Wherever a line of the data contains "records", copy that line.
###
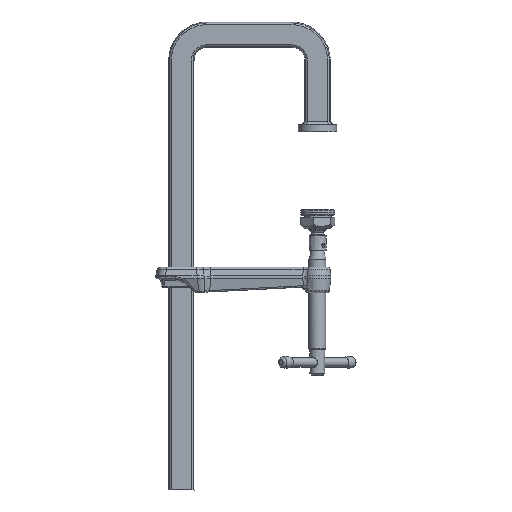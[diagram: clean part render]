
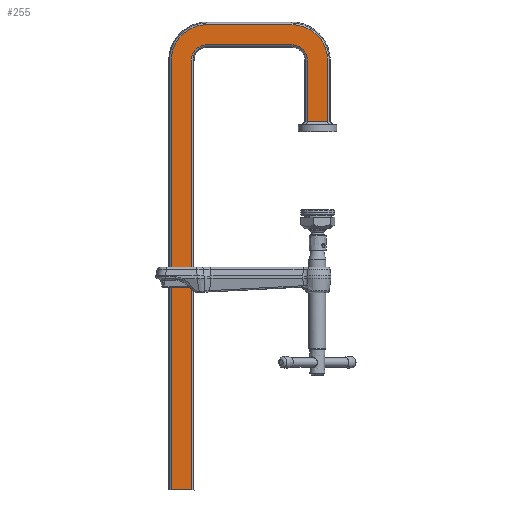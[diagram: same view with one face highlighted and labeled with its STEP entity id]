
A CAD part, front view. The second image highlights one B-rep face of the part: STEP entity #255.
In plain terms, the highlighted free-form (B-spline) face has degree [1, 1] with [2, 2] control points.
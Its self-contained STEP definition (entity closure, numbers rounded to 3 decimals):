
#53=CARTESIAN_POINT('',(11.828,-130.,7.5));
#54=VERTEX_POINT('',#53);
#60=CARTESIAN_POINT('',(-11.828,-130.,7.5));
#61=VERTEX_POINT('',#60);
#62=CARTESIAN_POINT('',(11.828,-130.,7.5));
#63=CARTESIAN_POINT('',(-11.828,-130.,7.5));
#64=B_SPLINE_CURVE_WITH_KNOTS('',1,(#62,#63),.POLYLINE_FORM.,.F.,.U.,(2,2),(0.15,0.85),.UNSPECIFIED.);
#65=EDGE_CURVE('',#54,#61,#64,.T.);
#157=CARTESIAN_POINT('',(11.828,375.,7.5));
#158=VERTEX_POINT('',#157);
#159=CARTESIAN_POINT('',(11.828,-130.,7.5));
#160=CARTESIAN_POINT('',(11.828,375.,7.5));
#161=B_SPLINE_CURVE_WITH_KNOTS('',1,(#159,#160),.POLYLINE_FORM.,.F.,.U.,(2,2),(0.104,1.),.UNSPECIFIED.);
#162=EDGE_CURVE('',#54,#158,#161,.T.);
#172=CARTESIAN_POINT('',(-17.337,-188.748,7.5));
#173=CARTESIAN_POINT('',(-17.337,429.333,7.5));
#174=CARTESIAN_POINT('',(177.337,-188.748,7.5));
#175=CARTESIAN_POINT('',(177.337,429.333,7.5));
#176=B_SPLINE_SURFACE_WITH_KNOTS('',1,1,((#172,#173),(#174,#175)),.PLANE_SURF.,.F.,.F.,.U.,(2,2),(2,2),(0.,1.),(-0.399,1.),.UNSPECIFIED.);
#177=CARTESIAN_POINT('',(30.,393.172,7.5));
#178=VERTEX_POINT('',#177);
#179=CARTESIAN_POINT('',(130.,393.172,7.5));
#180=VERTEX_POINT('',#179);
#181=CARTESIAN_POINT('',(30.,393.172,7.5));
#182=CARTESIAN_POINT('',(130.,393.172,7.5));
#183=B_SPLINE_CURVE_WITH_KNOTS('',1,(#181,#182),.POLYLINE_FORM.,.F.,.U.,(2,2),(0.045,0.955),.UNSPECIFIED.);
#184=EDGE_CURVE('',#178,#180,#183,.T.);
#185=ORIENTED_EDGE('',*,*,#184,.T.);
#186=CARTESIAN_POINT('',(148.172,375.,7.5));
#187=VERTEX_POINT('',#186);
#188=CARTESIAN_POINT('',(130.,393.172,7.5));
#189=CARTESIAN_POINT('',(148.172,393.172,7.5));
#190=CARTESIAN_POINT('',(148.172,375.,7.5));
#191=(BOUNDED_CURVE()B_SPLINE_CURVE(2,(#188,#189,#190),.CIRCULAR_ARC.,.F.,.U.)B_SPLINE_CURVE_WITH_KNOTS((3,3),(0.,1.),.UNSPECIFIED.)CURVE()GEOMETRIC_REPRESENTATION_ITEM()RATIONAL_B_SPLINE_CURVE((1.,0.707,1.))REPRESENTATION_ITEM(''));
#192=EDGE_CURVE('',#180,#187,#191,.T.);
#193=ORIENTED_EDGE('',*,*,#192,.T.);
#194=CARTESIAN_POINT('',(148.172,303.,7.5));
#195=VERTEX_POINT('',#194);
#196=CARTESIAN_POINT('',(148.172,375.,7.5));
#197=CARTESIAN_POINT('',(148.172,303.,7.5));
#198=B_SPLINE_CURVE_WITH_KNOTS('',1,(#196,#197),.POLYLINE_FORM.,.F.,.U.,(2,2),(0.045,0.907),.UNSPECIFIED.);
#199=EDGE_CURVE('',#187,#195,#198,.T.);
#200=ORIENTED_EDGE('',*,*,#199,.T.);
#201=CARTESIAN_POINT('',(171.828,303.,7.5));
#202=VERTEX_POINT('',#201);
#203=CARTESIAN_POINT('',(148.172,303.,7.5));
#204=CARTESIAN_POINT('',(171.828,303.,7.5));
#205=B_SPLINE_CURVE_WITH_KNOTS('',1,(#203,#204),.POLYLINE_FORM.,.F.,.U.,(2,2),(0.763,0.872),.UNSPECIFIED.);
#206=EDGE_CURVE('',#195,#202,#205,.T.);
#207=ORIENTED_EDGE('',*,*,#206,.T.);
#208=CARTESIAN_POINT('',(171.828,375.,7.5));
#209=VERTEX_POINT('',#208);
#210=CARTESIAN_POINT('',(171.828,375.,7.5));
#211=CARTESIAN_POINT('',(171.828,303.,7.5));
#212=B_SPLINE_CURVE_WITH_KNOTS('',1,(#210,#211),.POLYLINE_FORM.,.F.,.U.,(2,2),(0.045,0.907),.UNSPECIFIED.);
#213=EDGE_CURVE('',#209,#202,#212,.T.);
#214=ORIENTED_EDGE('',*,*,#213,.F.);
#215=CARTESIAN_POINT('',(130.,416.828,7.5));
#216=VERTEX_POINT('',#215);
#217=CARTESIAN_POINT('',(130.,416.828,7.5));
#218=CARTESIAN_POINT('',(171.828,416.828,7.5));
#219=CARTESIAN_POINT('',(171.828,375.,7.5));
#220=(BOUNDED_CURVE()B_SPLINE_CURVE(2,(#217,#218,#219),.CIRCULAR_ARC.,.F.,.U.)B_SPLINE_CURVE_WITH_KNOTS((3,3),(0.,1.),.UNSPECIFIED.)CURVE()GEOMETRIC_REPRESENTATION_ITEM()RATIONAL_B_SPLINE_CURVE((1.,0.707,1.))REPRESENTATION_ITEM(''));
#221=EDGE_CURVE('',#216,#209,#220,.T.);
#222=ORIENTED_EDGE('',*,*,#221,.F.);
#223=CARTESIAN_POINT('',(30.,416.828,7.5));
#224=VERTEX_POINT('',#223);
#225=CARTESIAN_POINT('',(30.,416.828,7.5));
#226=CARTESIAN_POINT('',(130.,416.828,7.5));
#227=B_SPLINE_CURVE_WITH_KNOTS('',1,(#225,#226),.POLYLINE_FORM.,.F.,.U.,(2,2),(0.045,0.955),.UNSPECIFIED.);
#228=EDGE_CURVE('',#224,#216,#227,.T.);
#229=ORIENTED_EDGE('',*,*,#228,.F.);
#230=CARTESIAN_POINT('',(-11.828,375.,7.5));
#231=VERTEX_POINT('',#230);
#232=CARTESIAN_POINT('',(-11.828,375.,7.5));
#233=CARTESIAN_POINT('',(-11.828,416.828,7.5));
#234=CARTESIAN_POINT('',(30.,416.828,7.5));
#235=(BOUNDED_CURVE()B_SPLINE_CURVE(2,(#232,#233,#234),.CIRCULAR_ARC.,.F.,.U.)B_SPLINE_CURVE_WITH_KNOTS((3,3),(0.,1.),.UNSPECIFIED.)CURVE()GEOMETRIC_REPRESENTATION_ITEM()RATIONAL_B_SPLINE_CURVE((1.,0.707,1.))REPRESENTATION_ITEM(''));
#236=EDGE_CURVE('',#231,#224,#235,.T.);
#237=ORIENTED_EDGE('',*,*,#236,.F.);
#238=CARTESIAN_POINT('',(-11.828,-130.,7.5));
#239=CARTESIAN_POINT('',(-11.828,375.,7.5));
#240=B_SPLINE_CURVE_WITH_KNOTS('',1,(#238,#239),.POLYLINE_FORM.,.F.,.U.,(2,2),(0.104,1.),.UNSPECIFIED.);
#241=EDGE_CURVE('',#61,#231,#240,.T.);
#242=ORIENTED_EDGE('',*,*,#241,.F.);
#243=ORIENTED_EDGE('',*,*,#65,.F.);
#244=ORIENTED_EDGE('',*,*,#162,.T.);
#245=CARTESIAN_POINT('',(11.828,375.,7.5));
#246=CARTESIAN_POINT('',(11.828,382.527,7.5));
#247=CARTESIAN_POINT('',(17.15,387.85,7.5));
#248=CARTESIAN_POINT('',(22.473,393.172,7.5));
#249=CARTESIAN_POINT('',(30.,393.172,7.5));
#250=(BOUNDED_CURVE()B_SPLINE_CURVE(2,(#245,#246,#247,#248,#249),.CIRCULAR_ARC.,.F.,.U.)B_SPLINE_CURVE_WITH_KNOTS((3,2,3),(0.,0.5,1.),.UNSPECIFIED.)CURVE()GEOMETRIC_REPRESENTATION_ITEM()RATIONAL_B_SPLINE_CURVE((1.,0.924,1.,0.924,1.))REPRESENTATION_ITEM(''));
#251=EDGE_CURVE('',#158,#178,#250,.T.);
#252=ORIENTED_EDGE('',*,*,#251,.T.);
#253=EDGE_LOOP('',(#185,#193,#200,#207,#214,#222,#229,#237,#242,#243,#244,#252));
#254=FACE_OUTER_BOUND('',#253,.T.);
#255=ADVANCED_FACE('',(#254),#176,.T.);
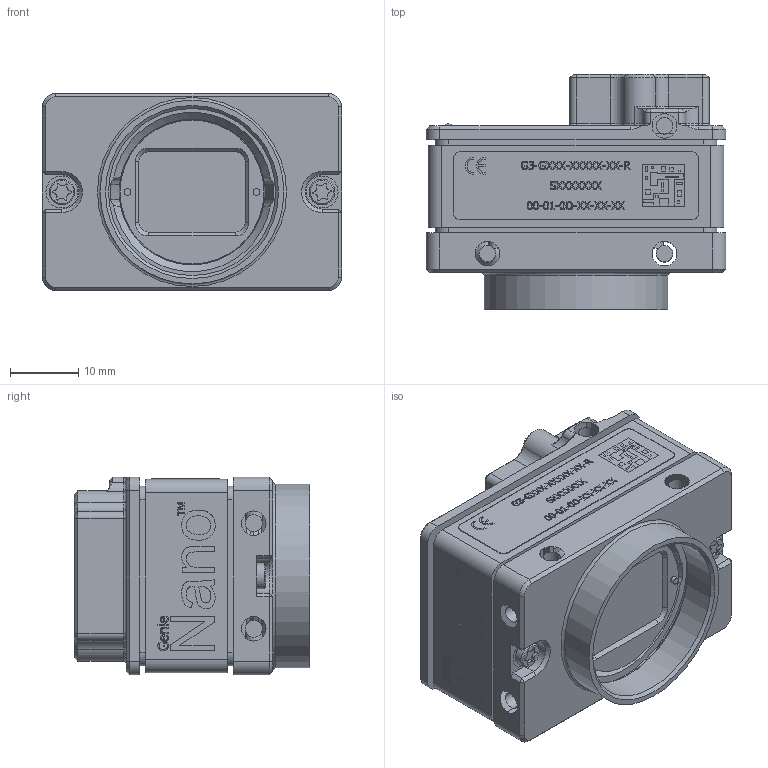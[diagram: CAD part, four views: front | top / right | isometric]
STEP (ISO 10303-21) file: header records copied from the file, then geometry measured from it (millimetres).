
FILE_DESCRIPTION(/* description */ (''),/* implementation_level */ '2;1');
FILE_NAME(/* name */ 'C:\Users\sduhra\Desktop\cad MODELS\NOVA CAMERA ASSEMBLY-SIZE 3 (CS-MOUNT) IMX25x.stp',/* time_stamp */ '2018-07-09T16:15:15-04:00',/* author */ ('sduhra'),/* organization */ (''),/* preprocessor_version */ 'ST-DEVELOPER v17',/* originating_system */ 'Autodesk Inventor 2018',/* authorisation */ '');
FILE_SCHEMA (('AUTOMOTIVE_DESIGN { 1 0 10303 214 3 1 1 }'));
Products named in the file (1): NOVA CAMERA ASSEMBLY-IMX25x CS-MNT
Bounding box: 44 x 34.55 x 29 mm (x, y, z)
Volume: 26256.8 mm3; surface area: 13288.4 mm2
Topology: 2 solids, 2 shells, 2312 faces, 6249 edges, 4047 vertices
Faces by surface type: plane 1458, cylinder 414, bspline 304, cone 90, torus 38, sphere 8
Full cylindrical faces by diameter (mm): 1.2 x2, 1.567 x4, 1.7 x1, 2.459 x9, 3.8 x2, 4.7 x2, 24.536 x1, 25.654 x1, 27 x1
Entity records: 79623 total; most frequent: CARTESIAN_POINT 20862, ORIENTED_EDGE 12500, DIRECTION 10534, EDGE_CURVE 6250, LINE 4438, VECTOR 4438, VERTEX_POINT 4055, AXIS2_PLACEMENT_3D 3048
###
*Solution below*
STEP (ISO 10303-21) file: header records copied from the file, then geometry measured from it (millimetres).
Entity records: 79623 total; most frequent: CARTESIAN_POINT 20862, ORIENTED_EDGE 12500, DIRECTION 10534, EDGE_CURVE 6250, LINE 4438, VECTOR 4438, VERTEX_POINT 4055, AXIS2_PLACEMENT_3D 3048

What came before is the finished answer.